Ruby vs. Go... FIGHT!

Note this was written 9 years ago, with correspondingly old versions of both Go and Ruby. It’s probably interesting only for PL historians.

Only sorta-kinda. I’ve been trying to use Go for some tasks for which I’d normally reach to Ruby; most recently was grabbing some date elements from a large-ish XML file. I know, I know… Ruby has the best XML library ever built into it, but I’m more aware than anybody of the performance issues it has, so I tend to use it for only very small files. So when I needed to extract some information out of this fat XML, I thought I’d try Go.

Warning: Micro-Benchmarks ahead! Keep this in mind as you read. Usually, micro-benchmarks are looked at with skepticism; however, I’m claiming this is useful information because it’s a real-world application, solving a real-world need… even if it is only a very tiny little program in a very large world, after all.

The file wasn’t so big that I was worried about memory use, but since I only needed a leaf from each branch of the tree, I chose the SAX-ish API anyway. That’s going to make any code more bloated, but it wasn’t too bad; the results are in Version 1.

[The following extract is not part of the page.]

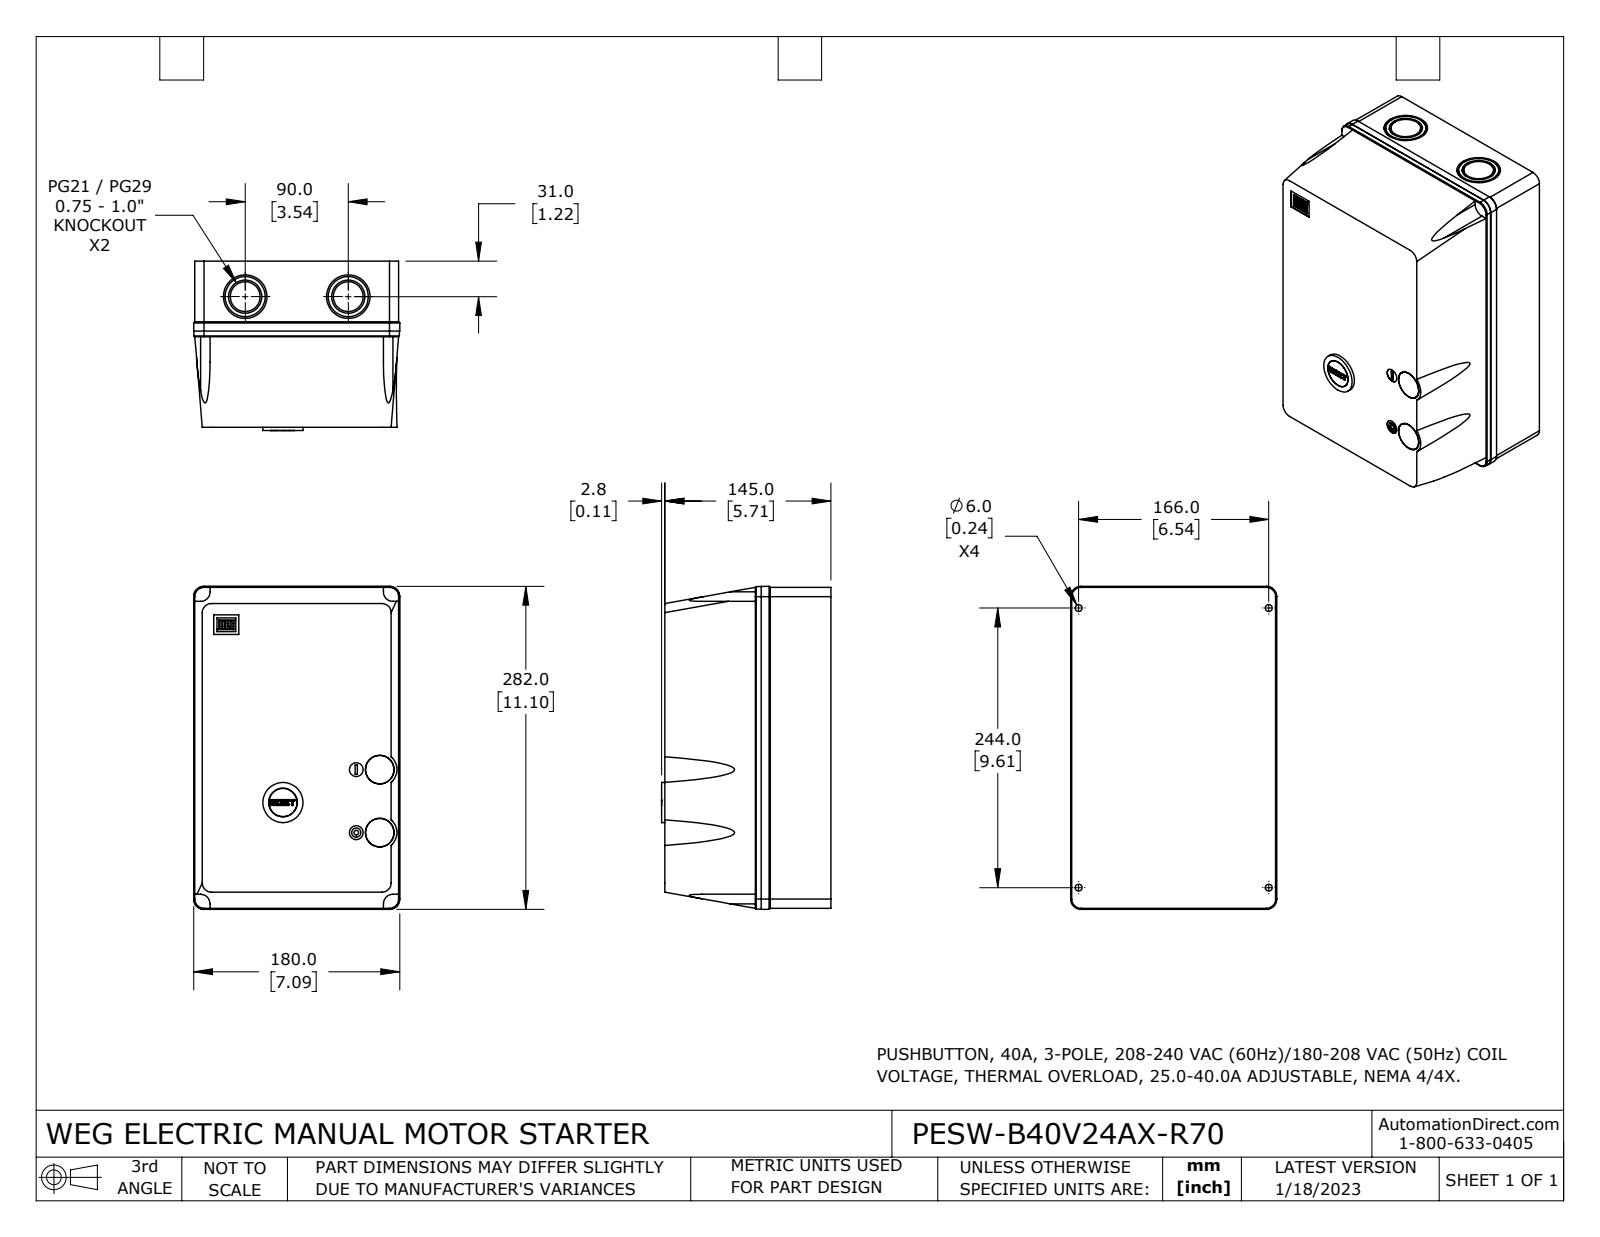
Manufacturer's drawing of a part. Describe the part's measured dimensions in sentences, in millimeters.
The part is named "PESW-B40V24AX-R70". Its 3-D file was written by "SolidWorks 2021 (CONFIG_CONTROL_DESIGN)". It is 3 solids with 286 faces: 130 planar, 144 cylindrical and 12 other. Overall it measures 282 by 180 by 147.9 millimeters. Its volume is 7 014 000 cubic millimeters and its surface area 232 257 square millimeters. Round holes: 4 of diameter 6, 3 of diameter 25, 2 of diameter 12, 2 of diameter 29, 2 of diameter 38, 1 of diameter 4, 1 of diameter 30.5. Round bosses or shafts: 3 of diameter 35, 2 of diameter 26, 2 of diameter 24.8, 1 of diameter 30.3, 1 of diameter 24.6, 1 of diameter 14, 1 of diameter 8. Partial cylindrical surfaces (rounded edges, fillets, slot ends): 34 of radius 0.1, 4 of radius 8, 4 of radius 8.3, 4 of radius 8.7, 4 of radius 9, 1 of radius 1.6. The main face-to-face distances are 145, 178, 280, 1, 0.7, 179, 179.7, 178.7, 281, 180. The hole center spacings are 20.5, 55, 58.7, 166, 244, 295.11, 49.14, 57.14.

After I got everything working, I got to wondering about the performance, so I wrote it again in Ruby. I did not try to use the same logic; instead, I did it in what, for me, is more idiomatic Ruby code. The timings (I chose the average-looking times; I did not properly benchmark these, but I did run each program several times and then grabbed the middlin’ looking one), which may or may not be surprising, look like this:

Version	Language	Total time (s)	CPU usage
Version 1	Go	0.113	96%
Version R	Ruby	0.099	66%

“Hmmm”, I hear you say. Well, the Go version is actually parsing the XML, and we all know XML for the bloated, expensive-to-parse format that it is. OTOH, Ruby is doing regexp on every line, and is additionally reading the entire file into memory first and splitting it into an array on line endings. Hmmm. Well, let’s try a Go version that is a little more like the Ruby version. That’s Version 2:

Version	Language	Total time (s)	CPU usage
Version 2	Go	0.284	103%

Yowsa! That’s going in the wrong direction. Interestingly, it’s now using more than one core of my CPU, so it’s doing something thready underneath. Maybe it’s because I’m reading the file line-by-line off the disk? Let’s make it even more like the Ruby version; Version 3:

Version	Language	Total time (s)	CPU usage
Version 3	Go	0.292	105%

Definitely going in the wrong direction. Maybe it’s the sre2 library? Let’s try Version 4:

Version	Language	Total time (s)	CPU usage
Version 4	Go	0.037	89%

Ok, that’s better. Armed with this, I went back to not reading the file entirely into memory in Version 5:

Version	Language	Total time (s)	CPU usage
Version 3	Go	0.292	105%
Version 2	Go	0.284	103%
Version 1	Go	0.113	96%
Version R	Ruby	0.099	96%
Version 4	Go	0.037	89%
Version 5	Go	0.034	91%

Not a lot of difference; I did see a couple of runs where the CPU use dropped to 89% without affecting the total time, but these are pretty small numbers and we could be seeing actual run time being overwhelmed by the program initialization and what-not.

Anyway, I thought it was interesting. Ruby is slow as all get-out, but for micro-tasks where most of the heavy lifting is running in native C (regexp in Ruby is native, as is IO), it’s more than capable enough. It’s also worth noticing that this was with ca. 30 lines of Go code, vs. 8 lines of Ruby code.